**What this task involves:** Reproduce the whole listing that follows, character for character, and drop the images.

**Task input:**
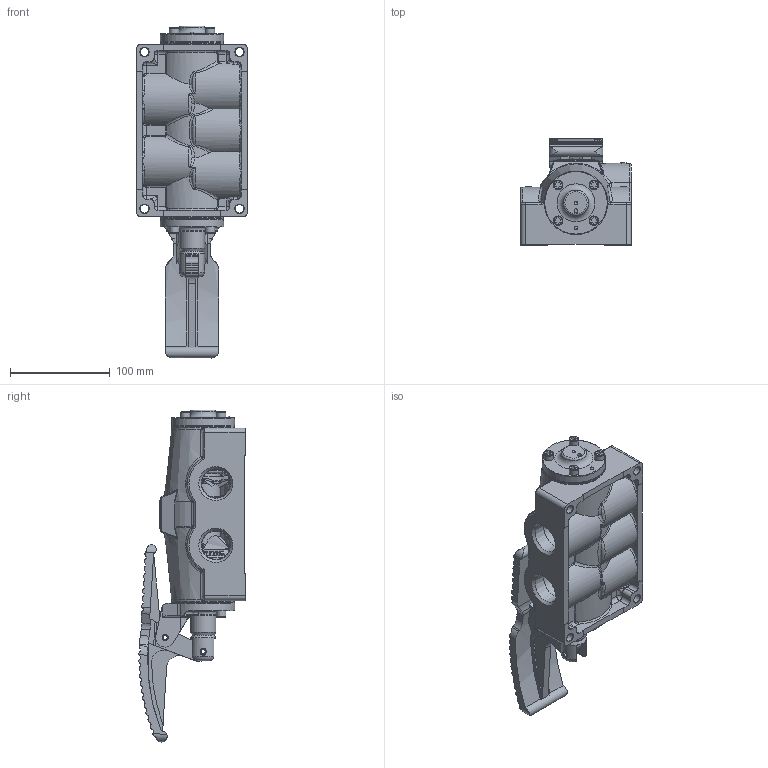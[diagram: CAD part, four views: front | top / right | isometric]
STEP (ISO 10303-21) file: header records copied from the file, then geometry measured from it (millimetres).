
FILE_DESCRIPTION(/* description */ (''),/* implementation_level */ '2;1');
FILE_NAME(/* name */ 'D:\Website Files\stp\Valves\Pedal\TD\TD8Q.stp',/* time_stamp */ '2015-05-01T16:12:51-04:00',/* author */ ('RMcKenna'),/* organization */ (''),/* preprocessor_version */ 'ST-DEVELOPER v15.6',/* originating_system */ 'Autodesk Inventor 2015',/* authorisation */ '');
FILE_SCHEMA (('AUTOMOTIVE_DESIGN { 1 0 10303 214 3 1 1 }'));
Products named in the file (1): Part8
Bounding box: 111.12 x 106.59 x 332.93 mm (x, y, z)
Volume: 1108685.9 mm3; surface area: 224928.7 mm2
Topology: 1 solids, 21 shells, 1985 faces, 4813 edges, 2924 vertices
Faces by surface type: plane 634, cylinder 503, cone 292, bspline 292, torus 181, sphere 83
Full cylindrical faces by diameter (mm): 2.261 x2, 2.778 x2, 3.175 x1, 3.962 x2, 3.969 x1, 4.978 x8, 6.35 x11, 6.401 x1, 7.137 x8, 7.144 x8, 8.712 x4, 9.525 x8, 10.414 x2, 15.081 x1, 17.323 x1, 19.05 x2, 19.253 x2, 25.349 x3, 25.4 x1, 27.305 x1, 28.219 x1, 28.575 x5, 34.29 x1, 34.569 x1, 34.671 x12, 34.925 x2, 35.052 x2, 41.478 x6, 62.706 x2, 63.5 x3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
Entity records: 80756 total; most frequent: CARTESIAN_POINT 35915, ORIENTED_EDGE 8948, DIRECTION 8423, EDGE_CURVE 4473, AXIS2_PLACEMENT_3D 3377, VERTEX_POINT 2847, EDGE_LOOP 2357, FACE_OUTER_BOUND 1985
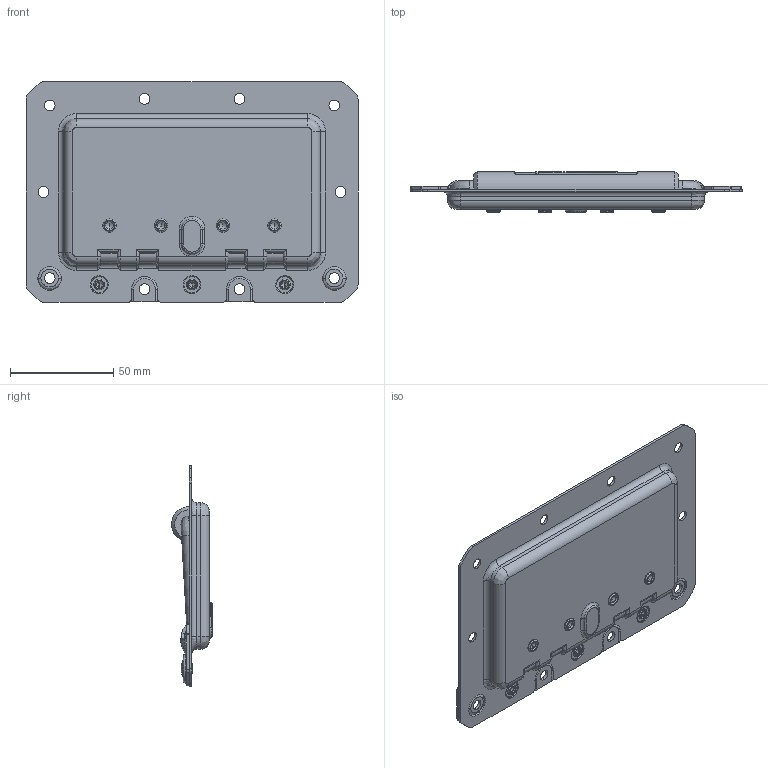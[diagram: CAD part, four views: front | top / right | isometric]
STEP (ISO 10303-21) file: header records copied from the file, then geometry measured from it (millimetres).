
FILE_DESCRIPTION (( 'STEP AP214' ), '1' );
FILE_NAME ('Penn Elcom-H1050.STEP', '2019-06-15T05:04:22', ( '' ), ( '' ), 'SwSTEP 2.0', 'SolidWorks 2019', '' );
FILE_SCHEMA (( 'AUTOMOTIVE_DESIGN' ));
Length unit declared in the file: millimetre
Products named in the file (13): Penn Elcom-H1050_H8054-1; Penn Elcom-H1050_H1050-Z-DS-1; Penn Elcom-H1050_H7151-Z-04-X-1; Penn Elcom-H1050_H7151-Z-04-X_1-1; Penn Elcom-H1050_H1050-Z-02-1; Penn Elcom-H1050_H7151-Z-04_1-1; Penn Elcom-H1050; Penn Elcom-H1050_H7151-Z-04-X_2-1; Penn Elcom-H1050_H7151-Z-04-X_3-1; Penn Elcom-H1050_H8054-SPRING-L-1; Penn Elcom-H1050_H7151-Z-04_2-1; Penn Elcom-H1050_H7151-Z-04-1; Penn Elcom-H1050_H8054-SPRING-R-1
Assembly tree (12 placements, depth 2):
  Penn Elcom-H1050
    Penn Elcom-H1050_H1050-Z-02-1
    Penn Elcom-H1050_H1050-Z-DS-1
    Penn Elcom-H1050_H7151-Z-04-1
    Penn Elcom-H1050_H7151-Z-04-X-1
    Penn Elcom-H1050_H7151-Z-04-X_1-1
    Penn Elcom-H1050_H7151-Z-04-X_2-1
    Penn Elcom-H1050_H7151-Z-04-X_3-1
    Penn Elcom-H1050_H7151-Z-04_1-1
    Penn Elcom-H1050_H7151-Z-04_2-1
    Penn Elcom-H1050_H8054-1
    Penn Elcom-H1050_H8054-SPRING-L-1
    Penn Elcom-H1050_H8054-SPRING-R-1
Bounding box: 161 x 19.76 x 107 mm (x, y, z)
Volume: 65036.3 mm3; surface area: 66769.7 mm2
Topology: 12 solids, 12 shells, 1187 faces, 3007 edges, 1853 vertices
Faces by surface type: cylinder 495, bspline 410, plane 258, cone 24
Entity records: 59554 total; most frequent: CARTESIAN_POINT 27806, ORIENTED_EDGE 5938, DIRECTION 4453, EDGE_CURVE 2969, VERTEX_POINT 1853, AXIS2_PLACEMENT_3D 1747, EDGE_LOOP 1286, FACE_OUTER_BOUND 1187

**Problem solution:**
[diagram: CAD part, four views: front | top / right | isometric]
STEP (ISO 10303-21) file: header records copied from the file, then geometry measured from it (millimetres).
FILE_DESCRIPTION(/* description */ (''),/* implementation_level */ '2;1');
FILE_NAME(/* name */ 'D:\Website Files\stp\Valves\Pedal\TD\TD8Q.stp',/* time_stamp */ '2015-05-01T16:12:51-04:00',/* author */ ('RMcKenna'),/* organization */ (''),/* preprocessor_version */ 'ST-DEVELOPER v15.6',/* originating_system */ 'Autodesk Inventor 2015',/* authorisation */ '');
FILE_SCHEMA (('AUTOMOTIVE_DESIGN { 1 0 10303 214 3 1 1 }'));
Products named in the file (1): Part8
Bounding box: 111.12 x 106.59 x 332.93 mm (x, y, z)
Volume: 1108685.9 mm3; surface area: 224928.7 mm2
Topology: 1 solids, 21 shells, 1985 faces, 4813 edges, 2924 vertices
Faces by surface type: plane 634, cylinder 503, cone 292, bspline 292, torus 181, sphere 83
Full cylindrical faces by diameter (mm): 2.261 x2, 2.778 x2, 3.175 x1, 3.962 x2, 3.969 x1, 4.978 x8, 6.35 x11, 6.401 x1, 7.137 x8, 7.144 x8, 8.712 x4, 9.525 x8, 10.414 x2, 15.081 x1, 17.323 x1, 19.05 x2, 19.253 x2, 25.349 x3, 25.4 x1, 27.305 x1, 28.219 x1, 28.575 x5, 34.29 x1, 34.569 x1, 34.671 x12, 34.925 x2, 35.052 x2, 41.478 x6, 62.706 x2, 63.5 x3
Entity records: 80756 total; most frequent: CARTESIAN_POINT 35915, ORIENTED_EDGE 8948, DIRECTION 8423, EDGE_CURVE 4473, AXIS2_PLACEMENT_3D 3377, VERTEX_POINT 2847, EDGE_LOOP 2357, FACE_OUTER_BOUND 1985
[diagram: CAD part, four views: front | top / right | isometric]
STEP (ISO 10303-21) file: header records copied from the file, then geometry measured from it (millimetres).
FILE_DESCRIPTION (( 'STEP AP214' ), '1' );
FILE_NAME ('Penn Elcom-H1050.STEP', '2019-06-15T05:04:22', ( '' ), ( '' ), 'SwSTEP 2.0', 'SolidWorks 2019', '' );
FILE_SCHEMA (( 'AUTOMOTIVE_DESIGN' ));
Length unit declared in the file: millimetre
Products named in the file (13): Penn Elcom-H1050_H8054-1; Penn Elcom-H1050_H1050-Z-DS-1; Penn Elcom-H1050_H7151-Z-04-X-1; Penn Elcom-H1050_H7151-Z-04-X_1-1; Penn Elcom-H1050_H1050-Z-02-1; Penn Elcom-H1050_H7151-Z-04_1-1; Penn Elcom-H1050; Penn Elcom-H1050_H7151-Z-04-X_2-1; Penn Elcom-H1050_H7151-Z-04-X_3-1; Penn Elcom-H1050_H8054-SPRING-L-1; Penn Elcom-H1050_H7151-Z-04_2-1; Penn Elcom-H1050_H7151-Z-04-1; Penn Elcom-H1050_H8054-SPRING-R-1
Assembly tree (12 placements, depth 2):
  Penn Elcom-H1050
    Penn Elcom-H1050_H1050-Z-02-1
    Penn Elcom-H1050_H1050-Z-DS-1
    Penn Elcom-H1050_H7151-Z-04-1
    Penn Elcom-H1050_H7151-Z-04-X-1
    Penn Elcom-H1050_H7151-Z-04-X_1-1
    Penn Elcom-H1050_H7151-Z-04-X_2-1
    Penn Elcom-H1050_H7151-Z-04-X_3-1
    Penn Elcom-H1050_H7151-Z-04_1-1
    Penn Elcom-H1050_H7151-Z-04_2-1
    Penn Elcom-H1050_H8054-1
    Penn Elcom-H1050_H8054-SPRING-L-1
    Penn Elcom-H1050_H8054-SPRING-R-1
Bounding box: 161 x 19.76 x 107 mm (x, y, z)
Volume: 65036.3 mm3; surface area: 66769.7 mm2
Topology: 12 solids, 12 shells, 1187 faces, 3007 edges, 1853 vertices
Faces by surface type: cylinder 495, bspline 410, plane 258, cone 24
Entity records: 59554 total; most frequent: CARTESIAN_POINT 27806, ORIENTED_EDGE 5938, DIRECTION 4453, EDGE_CURVE 2969, VERTEX_POINT 1853, AXIS2_PLACEMENT_3D 1747, EDGE_LOOP 1286, FACE_OUTER_BOUND 1187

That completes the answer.